### TASK DESCRIPTION
Please look for the string "frequent" below and report every line in which it occurs.

┌──

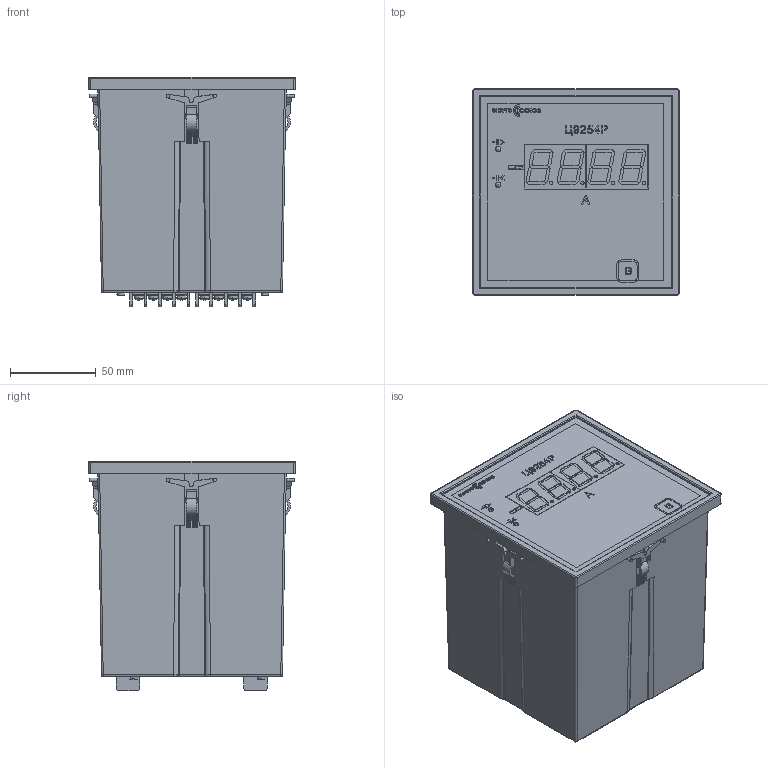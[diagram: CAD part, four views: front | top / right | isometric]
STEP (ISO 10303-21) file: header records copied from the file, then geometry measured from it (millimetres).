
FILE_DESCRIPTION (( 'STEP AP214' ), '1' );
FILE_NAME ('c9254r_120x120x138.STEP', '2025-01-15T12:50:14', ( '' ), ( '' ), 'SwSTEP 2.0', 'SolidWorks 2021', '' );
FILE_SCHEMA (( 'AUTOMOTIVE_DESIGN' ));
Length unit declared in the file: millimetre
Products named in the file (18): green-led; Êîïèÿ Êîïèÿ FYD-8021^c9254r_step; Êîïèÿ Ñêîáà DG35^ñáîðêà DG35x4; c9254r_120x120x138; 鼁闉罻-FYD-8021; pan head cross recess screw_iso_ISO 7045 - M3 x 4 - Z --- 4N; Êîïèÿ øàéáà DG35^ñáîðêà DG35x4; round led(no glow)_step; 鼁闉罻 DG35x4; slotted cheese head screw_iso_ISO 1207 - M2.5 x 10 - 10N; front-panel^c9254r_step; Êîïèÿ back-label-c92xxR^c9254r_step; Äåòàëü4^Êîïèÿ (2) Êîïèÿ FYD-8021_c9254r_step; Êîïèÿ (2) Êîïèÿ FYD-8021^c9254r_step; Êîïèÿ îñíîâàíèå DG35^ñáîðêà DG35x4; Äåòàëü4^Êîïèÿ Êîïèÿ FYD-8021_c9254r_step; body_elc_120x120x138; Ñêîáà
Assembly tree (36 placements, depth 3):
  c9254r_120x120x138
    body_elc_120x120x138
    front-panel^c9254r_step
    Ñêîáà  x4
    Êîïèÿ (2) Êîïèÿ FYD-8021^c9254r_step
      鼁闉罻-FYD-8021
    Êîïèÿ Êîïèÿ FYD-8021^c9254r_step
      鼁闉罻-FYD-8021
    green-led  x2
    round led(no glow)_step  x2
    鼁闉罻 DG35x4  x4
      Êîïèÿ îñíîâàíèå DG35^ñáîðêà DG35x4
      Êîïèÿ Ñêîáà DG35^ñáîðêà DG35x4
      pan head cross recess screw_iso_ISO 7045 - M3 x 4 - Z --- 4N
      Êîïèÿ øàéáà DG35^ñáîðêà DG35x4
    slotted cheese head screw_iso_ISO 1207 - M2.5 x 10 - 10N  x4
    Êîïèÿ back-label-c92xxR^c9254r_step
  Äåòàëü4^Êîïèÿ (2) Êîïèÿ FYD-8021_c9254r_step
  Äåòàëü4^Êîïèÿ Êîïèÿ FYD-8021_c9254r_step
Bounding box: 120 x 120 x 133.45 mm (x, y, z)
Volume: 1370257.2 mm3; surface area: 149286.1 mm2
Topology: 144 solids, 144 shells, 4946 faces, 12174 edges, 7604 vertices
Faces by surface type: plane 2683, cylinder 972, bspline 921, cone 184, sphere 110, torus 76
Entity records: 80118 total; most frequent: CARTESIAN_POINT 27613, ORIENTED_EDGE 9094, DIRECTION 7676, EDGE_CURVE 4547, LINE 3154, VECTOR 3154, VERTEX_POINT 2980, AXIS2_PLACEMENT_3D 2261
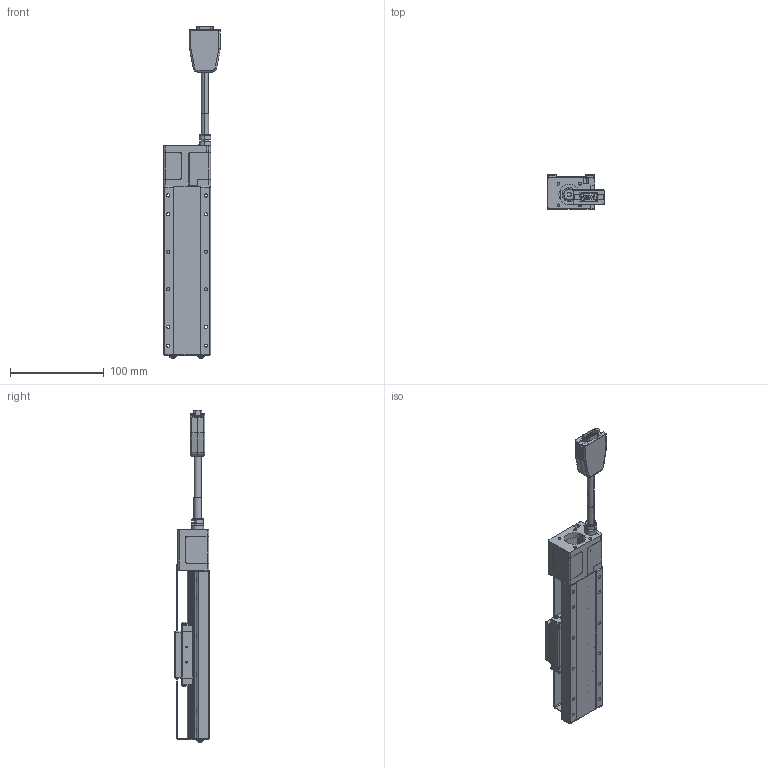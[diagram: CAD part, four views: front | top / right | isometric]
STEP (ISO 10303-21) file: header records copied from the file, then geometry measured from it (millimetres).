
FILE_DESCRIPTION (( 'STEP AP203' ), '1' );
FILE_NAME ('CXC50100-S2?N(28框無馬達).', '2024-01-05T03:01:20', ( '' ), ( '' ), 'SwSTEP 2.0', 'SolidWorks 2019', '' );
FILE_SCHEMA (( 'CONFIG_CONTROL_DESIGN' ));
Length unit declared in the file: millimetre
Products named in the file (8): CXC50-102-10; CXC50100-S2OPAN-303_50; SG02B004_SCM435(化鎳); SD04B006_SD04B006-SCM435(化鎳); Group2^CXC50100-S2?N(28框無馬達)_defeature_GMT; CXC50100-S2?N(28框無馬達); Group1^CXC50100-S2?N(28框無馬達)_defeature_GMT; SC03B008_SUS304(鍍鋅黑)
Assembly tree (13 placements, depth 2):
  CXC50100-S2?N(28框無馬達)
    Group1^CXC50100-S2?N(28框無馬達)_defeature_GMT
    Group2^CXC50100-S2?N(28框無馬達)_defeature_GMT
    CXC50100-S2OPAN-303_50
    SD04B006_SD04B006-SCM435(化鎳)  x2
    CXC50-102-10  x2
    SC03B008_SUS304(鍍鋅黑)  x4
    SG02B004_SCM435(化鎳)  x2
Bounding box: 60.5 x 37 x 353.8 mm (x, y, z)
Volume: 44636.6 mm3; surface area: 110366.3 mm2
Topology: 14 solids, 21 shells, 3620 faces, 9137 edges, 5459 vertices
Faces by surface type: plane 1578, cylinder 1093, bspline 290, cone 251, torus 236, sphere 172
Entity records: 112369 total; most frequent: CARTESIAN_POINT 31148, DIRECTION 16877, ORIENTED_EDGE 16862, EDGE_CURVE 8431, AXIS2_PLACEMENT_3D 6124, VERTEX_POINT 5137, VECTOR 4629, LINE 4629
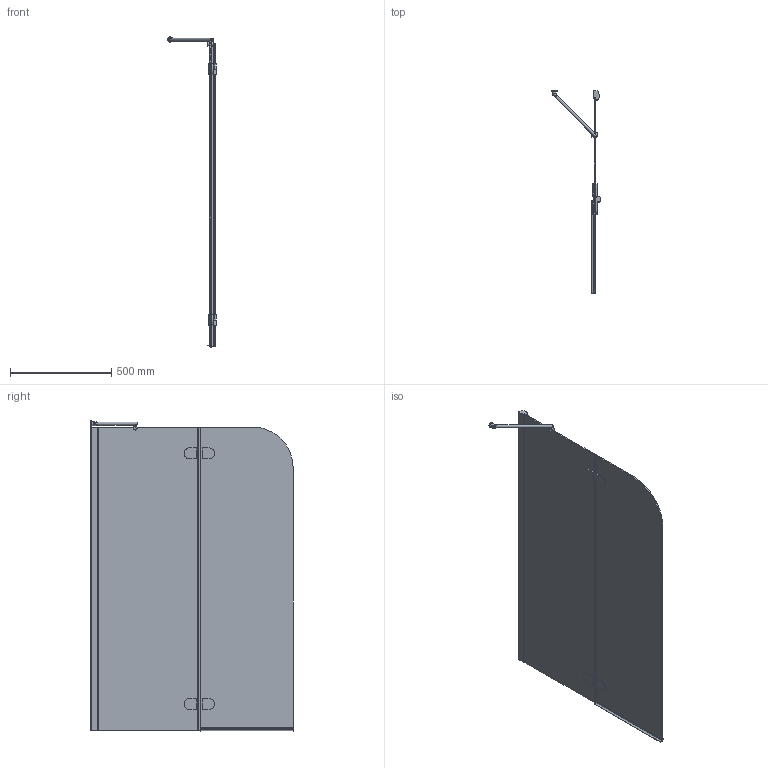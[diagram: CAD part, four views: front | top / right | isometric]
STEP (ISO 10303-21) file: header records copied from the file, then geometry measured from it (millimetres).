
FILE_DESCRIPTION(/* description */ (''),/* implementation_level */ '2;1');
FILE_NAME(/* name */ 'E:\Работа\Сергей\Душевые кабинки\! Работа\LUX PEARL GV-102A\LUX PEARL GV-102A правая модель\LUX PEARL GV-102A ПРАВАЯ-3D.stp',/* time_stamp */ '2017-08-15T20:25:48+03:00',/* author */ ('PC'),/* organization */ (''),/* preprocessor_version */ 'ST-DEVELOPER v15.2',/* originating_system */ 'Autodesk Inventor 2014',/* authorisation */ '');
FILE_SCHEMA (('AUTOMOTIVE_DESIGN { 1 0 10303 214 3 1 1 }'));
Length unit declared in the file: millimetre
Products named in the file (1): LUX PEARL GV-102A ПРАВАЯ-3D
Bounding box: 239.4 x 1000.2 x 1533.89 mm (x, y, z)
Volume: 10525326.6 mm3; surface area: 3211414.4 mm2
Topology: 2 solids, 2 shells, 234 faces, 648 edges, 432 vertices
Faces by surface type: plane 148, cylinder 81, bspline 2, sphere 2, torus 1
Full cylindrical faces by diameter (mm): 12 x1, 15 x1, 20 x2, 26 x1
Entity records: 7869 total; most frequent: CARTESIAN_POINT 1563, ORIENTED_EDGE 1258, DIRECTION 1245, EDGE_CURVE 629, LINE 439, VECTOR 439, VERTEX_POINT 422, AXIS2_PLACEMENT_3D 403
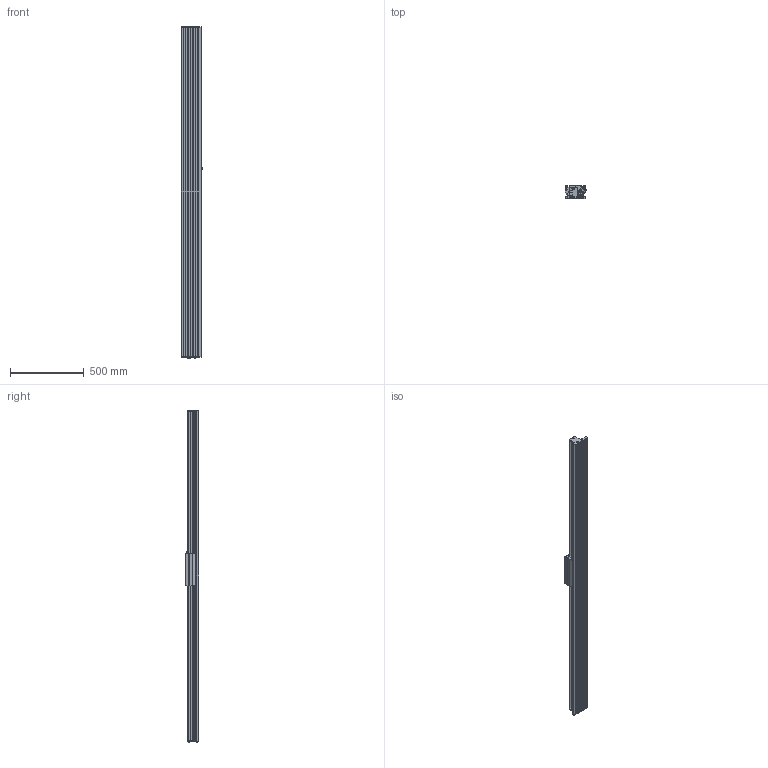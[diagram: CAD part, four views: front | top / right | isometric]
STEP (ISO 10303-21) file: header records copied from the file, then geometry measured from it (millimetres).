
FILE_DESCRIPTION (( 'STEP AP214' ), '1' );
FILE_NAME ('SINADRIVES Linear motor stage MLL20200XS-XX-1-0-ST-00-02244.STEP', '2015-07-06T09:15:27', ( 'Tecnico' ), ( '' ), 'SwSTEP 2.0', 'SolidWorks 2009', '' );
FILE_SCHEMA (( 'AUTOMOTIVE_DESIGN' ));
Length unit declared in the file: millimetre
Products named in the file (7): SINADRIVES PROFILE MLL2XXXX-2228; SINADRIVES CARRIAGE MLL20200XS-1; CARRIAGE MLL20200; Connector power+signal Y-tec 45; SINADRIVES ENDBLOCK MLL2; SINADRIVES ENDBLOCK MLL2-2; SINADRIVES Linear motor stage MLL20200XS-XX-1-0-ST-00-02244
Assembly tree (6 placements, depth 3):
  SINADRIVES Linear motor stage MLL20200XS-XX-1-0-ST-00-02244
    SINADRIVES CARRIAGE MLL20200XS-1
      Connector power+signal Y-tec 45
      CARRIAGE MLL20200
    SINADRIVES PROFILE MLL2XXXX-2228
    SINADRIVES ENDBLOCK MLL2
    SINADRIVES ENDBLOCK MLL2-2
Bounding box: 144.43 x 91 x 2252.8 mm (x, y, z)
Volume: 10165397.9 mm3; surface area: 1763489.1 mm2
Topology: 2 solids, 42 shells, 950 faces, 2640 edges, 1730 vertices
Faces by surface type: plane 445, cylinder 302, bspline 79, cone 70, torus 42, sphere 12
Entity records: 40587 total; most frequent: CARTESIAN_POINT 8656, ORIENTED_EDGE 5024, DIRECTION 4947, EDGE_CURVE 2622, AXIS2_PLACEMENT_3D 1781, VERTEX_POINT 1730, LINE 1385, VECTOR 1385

└──

### ANSWER BOX
Entity records: 80118 total; most frequent: CARTESIAN_POINT 27613, ORIENTED_EDGE 9094, DIRECTION 7676, EDGE_CURVE 4547, LINE 3154, VECTOR 3154, VERTEX_POINT 2980, AXIS2_PLACEMENT_3D 2261
Entity records: 112369 total; most frequent: CARTESIAN_POINT 31148, DIRECTION 16877, ORIENTED_EDGE 16862, EDGE_CURVE 8431, AXIS2_PLACEMENT_3D 6124, VERTEX_POINT 5137, VECTOR 4629, LINE 4629
Entity records: 7869 total; most frequent: CARTESIAN_POINT 1563, ORIENTED_EDGE 1258, DIRECTION 1245, EDGE_CURVE 629, LINE 439, VECTOR 439, VERTEX_POINT 422, AXIS2_PLACEMENT_3D 403
Entity records: 40587 total; most frequent: CARTESIAN_POINT 8656, ORIENTED_EDGE 5024, DIRECTION 4947, EDGE_CURVE 2622, AXIS2_PLACEMENT_3D 1781, VERTEX_POINT 1730, LINE 1385, VECTOR 1385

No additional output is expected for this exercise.